Another option is to use Google Pub/sub and one Cloud Function to classify and process all invoices.

In this approach, all uploaded invoices are stored in cloud storage and their reference URLs are queued into pub/sub as messages for processing. Eventarc supports the “google.cloud.pubsub.topic.v1.messagePublished” event. So, when a new message is written to pub/sub, a Gen2 cloud function is triggered that can read the message that contains the invoice URI in cloud storage.CloudFunction then uses the URI to retrieve the invoice from Cloud Storage, classifies it, extracts the data, and then writes it to any of Google Storage options.
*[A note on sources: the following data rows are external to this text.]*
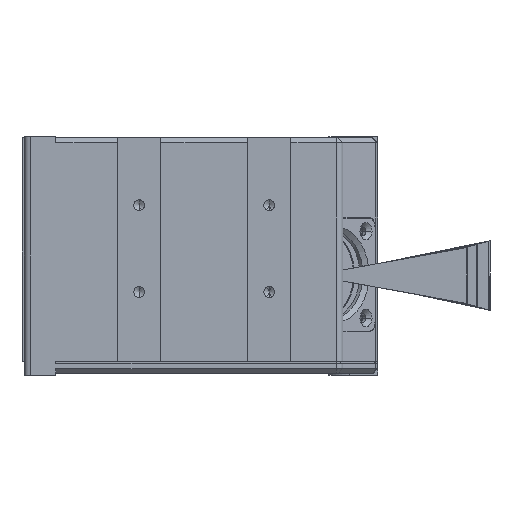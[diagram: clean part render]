
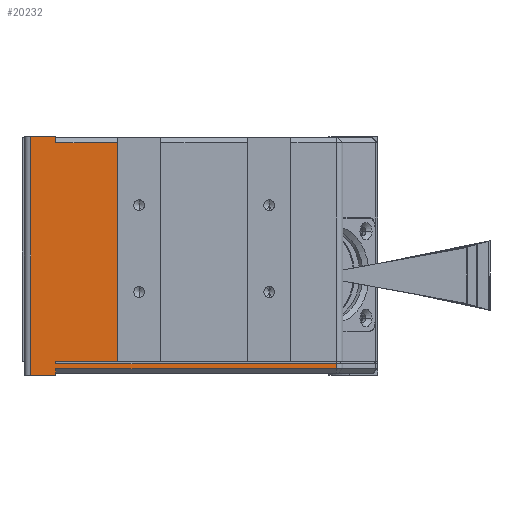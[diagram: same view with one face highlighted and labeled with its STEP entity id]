
A CAD part, left-side view. The second image highlights one B-rep face of the part: STEP entity #20232.
In plain terms, the highlighted planar face has unit normal (-1, 0, 0).
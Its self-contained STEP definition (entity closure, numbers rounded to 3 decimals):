
#26 = VERTEX_POINT ( 'NONE', #19500 ) ;
#117 = LINE ( 'NONE', #7400, #4333 ) ;
#307 = DIRECTION ( 'NONE',  ( 0., 1., 0. ) ) ;
#535 = ORIENTED_EDGE ( 'NONE', *, *, #11895, .T. ) ;
#1522 = DIRECTION ( 'NONE',  ( 0., -1., 0. ) ) ;
#1750 = FACE_OUTER_BOUND ( 'NONE', #11244, .T. ) ;
#1928 = VECTOR ( 'NONE', #8747, 1000. ) ;
#2029 = ORIENTED_EDGE ( 'NONE', *, *, #17420, .F. ) ;
#2722 = ORIENTED_EDGE ( 'NONE', *, *, #20369, .F. ) ;
#3089 = EDGE_CURVE ( 'NONE', #21305, #26122, #10974, .T. ) ;
#3321 = DIRECTION ( 'NONE',  ( 0., 1., 0. ) ) ;
#3551 = VERTEX_POINT ( 'NONE', #13375 ) ;
#3711 = ORIENTED_EDGE ( 'NONE', *, *, #21937, .F. ) ;
#4333 = VECTOR ( 'NONE', #19916, 1000. ) ;
#4411 = EDGE_CURVE ( 'NONE', #12964, #16821, #6359, .T. ) ;
#4582 = CARTESIAN_POINT ( 'NONE',  ( 0., 0., 51.8 ) ) ;
#4691 = LINE ( 'NONE', #26398, #13367 ) ;
#4738 = DIRECTION ( 'NONE',  ( 0., -1., 0. ) ) ;
#5207 = CARTESIAN_POINT ( 'NONE',  ( 0., 0., -3.2 ) ) ;
#5530 = CARTESIAN_POINT ( 'NONE',  ( 0., -7.3, 50.4 ) ) ;
#6026 = VECTOR ( 'NONE', #19273, 1000. ) ;
#6106 = CARTESIAN_POINT ( 'NONE',  ( 0., -7.3, -0.5 ) ) ;
#6277 = VECTOR ( 'NONE', #1522, 1000. ) ;
#6359 = LINE ( 'NONE', #16331, #13458 ) ;
#7064 = DIRECTION ( 'NONE',  ( 0., 0., 1. ) ) ;
#7278 = VERTEX_POINT ( 'NONE', #5530 ) ;
#7400 = CARTESIAN_POINT ( 'NONE',  ( 0., -1.5, 51.6 ) ) ;
#7749 = VECTOR ( 'NONE', #8735, 1000. ) ;
#8203 = EDGE_CURVE ( 'NONE', #26149, #3551, #117, .T. ) ;
#8456 = EDGE_CURVE ( 'NONE', #26122, #12964, #8881, .T. ) ;
#8516 = VECTOR ( 'NONE', #3321, 1000. ) ;
#8586 = EDGE_CURVE ( 'NONE', #7278, #20020, #22339, .T. ) ;
#8735 = DIRECTION ( 'NONE',  ( 0., 0., -1. ) ) ;
#8747 = DIRECTION ( 'NONE',  ( 0., 0., 1. ) ) ;
#8881 = LINE ( 'NONE', #28230, #11957 ) ;
#9171 = CARTESIAN_POINT ( 'NONE',  ( 0., 0., 51.6 ) ) ;
#9557 = ORIENTED_EDGE ( 'NONE', *, *, #8203, .T. ) ;
#9597 = LINE ( 'NONE', #26098, #6026 ) ;
#9655 = DIRECTION ( 'NONE',  ( 0., -1., 0. ) ) ;
#9674 = CARTESIAN_POINT ( 'NONE',  ( 0., -7.3, 51.8 ) ) ;
#10592 = CARTESIAN_POINT ( 'NONE',  ( 0., -7.3, 50.4 ) ) ;
#10675 = CARTESIAN_POINT ( 'NONE',  ( 0., -72., -0.5 ) ) ;
#10974 = LINE ( 'NONE', #15732, #1928 ) ;
#11244 = EDGE_LOOP ( 'NONE', ( #27717, #29866, #13541, #2029, #3711, #535, #18336, #29588, #11416, #2722, #9557, #28475 ) ) ;
#11416 = ORIENTED_EDGE ( 'NONE', *, *, #8586, .T. ) ;
#11895 = EDGE_CURVE ( 'NONE', #26864, #18259, #9597, .T. ) ;
#11957 = VECTOR ( 'NONE', #9655, 1000. ) ;
#12271 = CARTESIAN_POINT ( 'NONE',  ( 0., -21.5, 0. ) ) ;
#12964 = VERTEX_POINT ( 'NONE', #19428 ) ;
#13172 = LINE ( 'NONE', #27774, #7749 ) ;
#13367 = VECTOR ( 'NONE', #7064, 1000. ) ;
#13375 = CARTESIAN_POINT ( 'NONE',  ( 0., -1.5, -3.2 ) ) ;
#13458 = VECTOR ( 'NONE', #28546, 1000. ) ;
#13541 = ORIENTED_EDGE ( 'NONE', *, *, #4411, .T. ) ;
#13949 = CARTESIAN_POINT ( 'NONE',  ( 0., -7.3, 0. ) ) ;
#14724 = CARTESIAN_POINT ( 'NONE',  ( 0., -7.3, -21.33 ) ) ;
#14872 = EDGE_CURVE ( 'NONE', #26, #7278, #15813, .T. ) ;
#15004 = VECTOR ( 'NONE', #4738, 1000. ) ;
#15732 = CARTESIAN_POINT ( 'NONE',  ( 0., -7.3, -21.33 ) ) ;
#15813 = LINE ( 'NONE', #10592, #8516 ) ;
#16331 = CARTESIAN_POINT ( 'NONE',  ( 0., -72., 51.6 ) ) ;
#16744 = CARTESIAN_POINT ( 'NONE',  ( 0., -1.5, 51.8 ) ) ;
#16821 = VERTEX_POINT ( 'NONE', #10675 ) ;
#17417 = DIRECTION ( 'NONE',  ( 0., 0., 1. ) ) ;
#17420 = EDGE_CURVE ( 'NONE', #19049, #16821, #27677, .T. ) ;
#18259 = VERTEX_POINT ( 'NONE', #12271 ) ;
#18336 = ORIENTED_EDGE ( 'NONE', *, *, #27594, .T. ) ;
#18840 = DIRECTION ( 'NONE',  ( 0., 1., 0. ) ) ;
#19049 = VERTEX_POINT ( 'NONE', #20256 ) ;
#19273 = DIRECTION ( 'NONE',  ( 0., -1., 0. ) ) ;
#19428 = CARTESIAN_POINT ( 'NONE',  ( 0., -72., -1.7 ) ) ;
#19467 = VECTOR ( 'NONE', #307, 1000. ) ;
#19500 = CARTESIAN_POINT ( 'NONE',  ( 0., -21.5, 50.4 ) ) ;
#19629 = LINE ( 'NONE', #4582, #15004 ) ;
#19916 = DIRECTION ( 'NONE',  ( 0., 0., -1. ) ) ;
#20020 = VERTEX_POINT ( 'NONE', #9674 ) ;
#20232 = ADVANCED_FACE ( 'NONE', ( #1750 ), #20758, .F. ) ;
#20256 = CARTESIAN_POINT ( 'NONE',  ( 0., -7.3, -0.5 ) ) ;
#20369 = EDGE_CURVE ( 'NONE', #26149, #20020, #19629, .T. ) ;
#20758 = PLANE ( 'NONE',  #21594 ) ;
#21012 = CARTESIAN_POINT ( 'NONE',  ( 0., -7.3, -3.2 ) ) ;
#21072 = DIRECTION ( 'NONE',  ( 1., 0., 0. ) ) ;
#21305 = VERTEX_POINT ( 'NONE', #21012 ) ;
#21594 = AXIS2_PLACEMENT_3D ( 'NONE', #9171, #21072, #18840 ) ;
#21662 = CARTESIAN_POINT ( 'NONE',  ( 0., -7.3, -1.7 ) ) ;
#21937 = EDGE_CURVE ( 'NONE', #26864, #19049, #13172, .T. ) ;
#22165 = LINE ( 'NONE', #5207, #19467 ) ;
#22339 = LINE ( 'NONE', #14724, #24628 ) ;
#24628 = VECTOR ( 'NONE', #17417, 1000. ) ;
#24840 = EDGE_CURVE ( 'NONE', #21305, #3551, #22165, .T. ) ;
#26098 = CARTESIAN_POINT ( 'NONE',  ( 0., -7.3, 0. ) ) ;
#26122 = VERTEX_POINT ( 'NONE', #21662 ) ;
#26149 = VERTEX_POINT ( 'NONE', #16744 ) ;
#26398 = CARTESIAN_POINT ( 'NONE',  ( 0., -21.5, 51.6 ) ) ;
#26864 = VERTEX_POINT ( 'NONE', #13949 ) ;
#27594 = EDGE_CURVE ( 'NONE', #18259, #26, #4691, .T. ) ;
#27677 = LINE ( 'NONE', #6106, #6277 ) ;
#27717 = ORIENTED_EDGE ( 'NONE', *, *, #3089, .T. ) ;
#27774 = CARTESIAN_POINT ( 'NONE',  ( 0., -7.3, 0. ) ) ;
#28230 = CARTESIAN_POINT ( 'NONE',  ( 0., 0., -1.7 ) ) ;
#28475 = ORIENTED_EDGE ( 'NONE', *, *, #24840, .F. ) ;
#28546 = DIRECTION ( 'NONE',  ( 0., 0., 1. ) ) ;
#29588 = ORIENTED_EDGE ( 'NONE', *, *, #14872, .T. ) ;
#29866 = ORIENTED_EDGE ( 'NONE', *, *, #8456, .T. ) ;

The only problem with this approach is that having a single cloud function to process all types of invoices can be difficult to manage. This works best if the supermarket custom extractors discussed in part one of the blog series use the same processor schema to extract any supermarket invoice.

Summary:

The first part of the blog described an architecture that digitizes a single supermarket’s invoice, which has its own unique format, using Google Cloud services such as DocumentAI, Cloud Functions (Gen2), BigQuery, Datastore, and Cloud Storage. This second part of the blog expands the scope of the architecture to discuss one where any invoice from any supermarket in the world can be taken as input, classified first using DocumentAI, and then processed as discussed in part one.

Congratulations on digitizing every supermarket receipt in the world! This method can be applied to any document processing use case in any industry.